Author: Louis J. Budd
Publisher: Best from American Literature
Published: 1988
Total Pages: 304
ISBN-13:
DOWNLOAD EBOOK →“Many of the selections have become standard studies and interpretations: Sherman Paul on “The Town-Ho’s Story,’ R. W. B. Lewis on Melville and Homer, Merton Sealts on Melville’s “I and My Chimney,’ to name only a few. The quality of the selections is very high indeed, as was true of earlier volumes in this series. . . . Highly recommended.”—Choice
Author: Jennifer Melville
Publisher:
Published: 2020-07-07
Total Pages: 170
ISBN-13:
DOWNLOAD EBOOK →We only get one shot at life here on earth, so why not make the best of it? Life has so much beauty and joy to offer, but at times it can feel inaccessible. Seeking out ways to infuse our daily lives with a bit of magic, elegance, serenity and positivity can have an elevating impact on the overall experience of life. This book will encourage you to examine your habits, behaviours and thought patterns using an analytical and observant approach. Sprinkled with a touch of humour, the author's personal stories, mishaps and reflections will inspire and motivate you to take action.

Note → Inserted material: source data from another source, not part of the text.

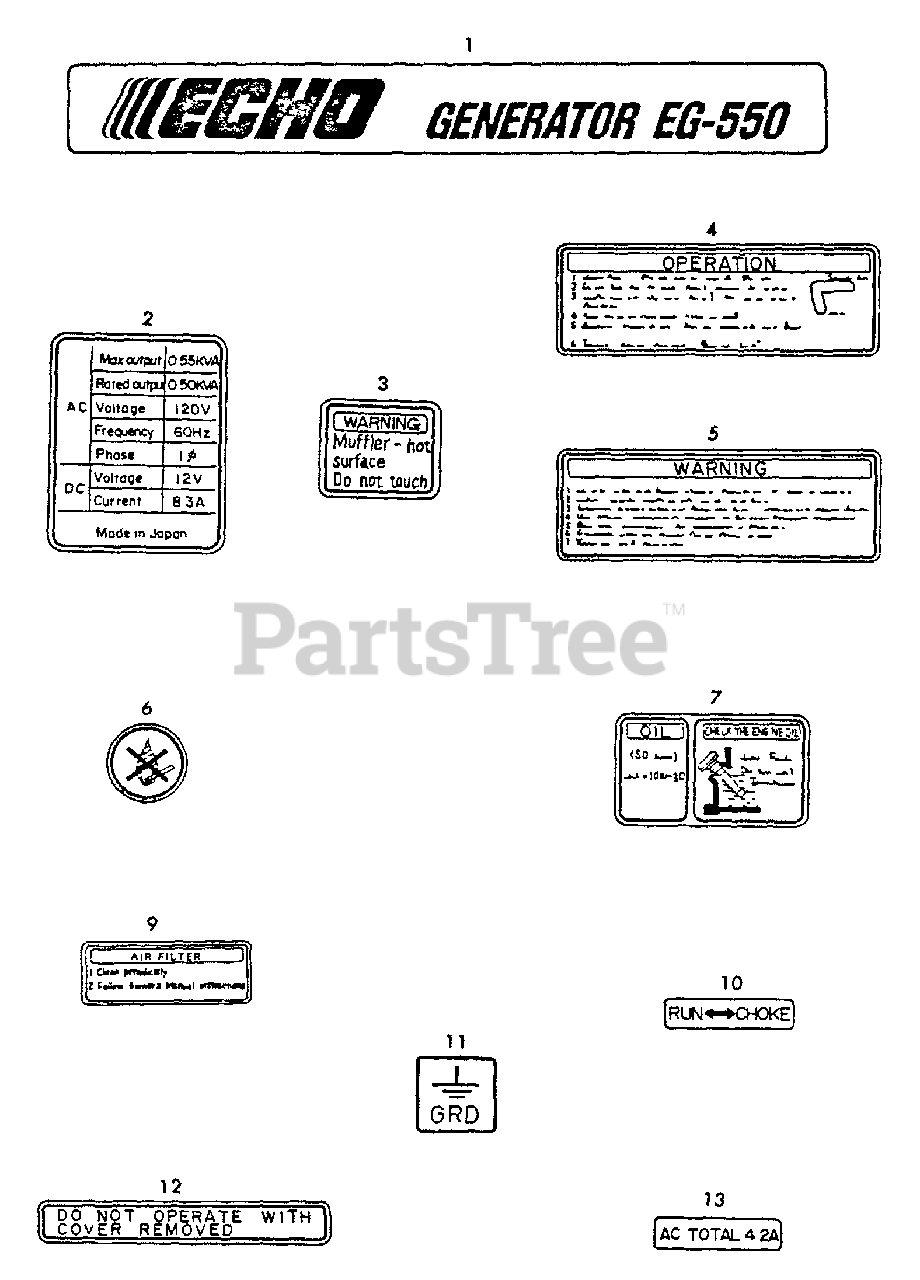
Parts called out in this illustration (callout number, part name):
1	LABEL - MODEL EG550
2	LABEL - GENERATOR
3	LABEL - CAUTION
4	LABEL - CAUTION -- OPERATION
5	LABEL - WARNING
6	LABEL - NON FIRE
7	LABEL - OIL
9	LABEL - AIR CLEANER
10	LABEL - CHOKE
11	LABEL - GROUND
12	LABEL - CAUTION
13	LABEL - AMPERE

By implementing just a few meaningful changes, you will be rewarded with more joy, comfort, vitality and peace in your life. Topics discussed touch on all facets of life including wardrobe, beauty routines, household tasks, finances, fitness, food, attitude and so much more!You have the power within you to elevate your everyday!
Author: Andrew Dickos
Publisher: Contra Mundum Press
Published: 2021-06-23
Total Pages: 244
ISBN-13: 9781940625478
DOWNLOAD EBOOK →Honor Among Thieves profiles Melville's eventful life & discusses his cinema as an essential body of work in our reckoning of postwar European cinema.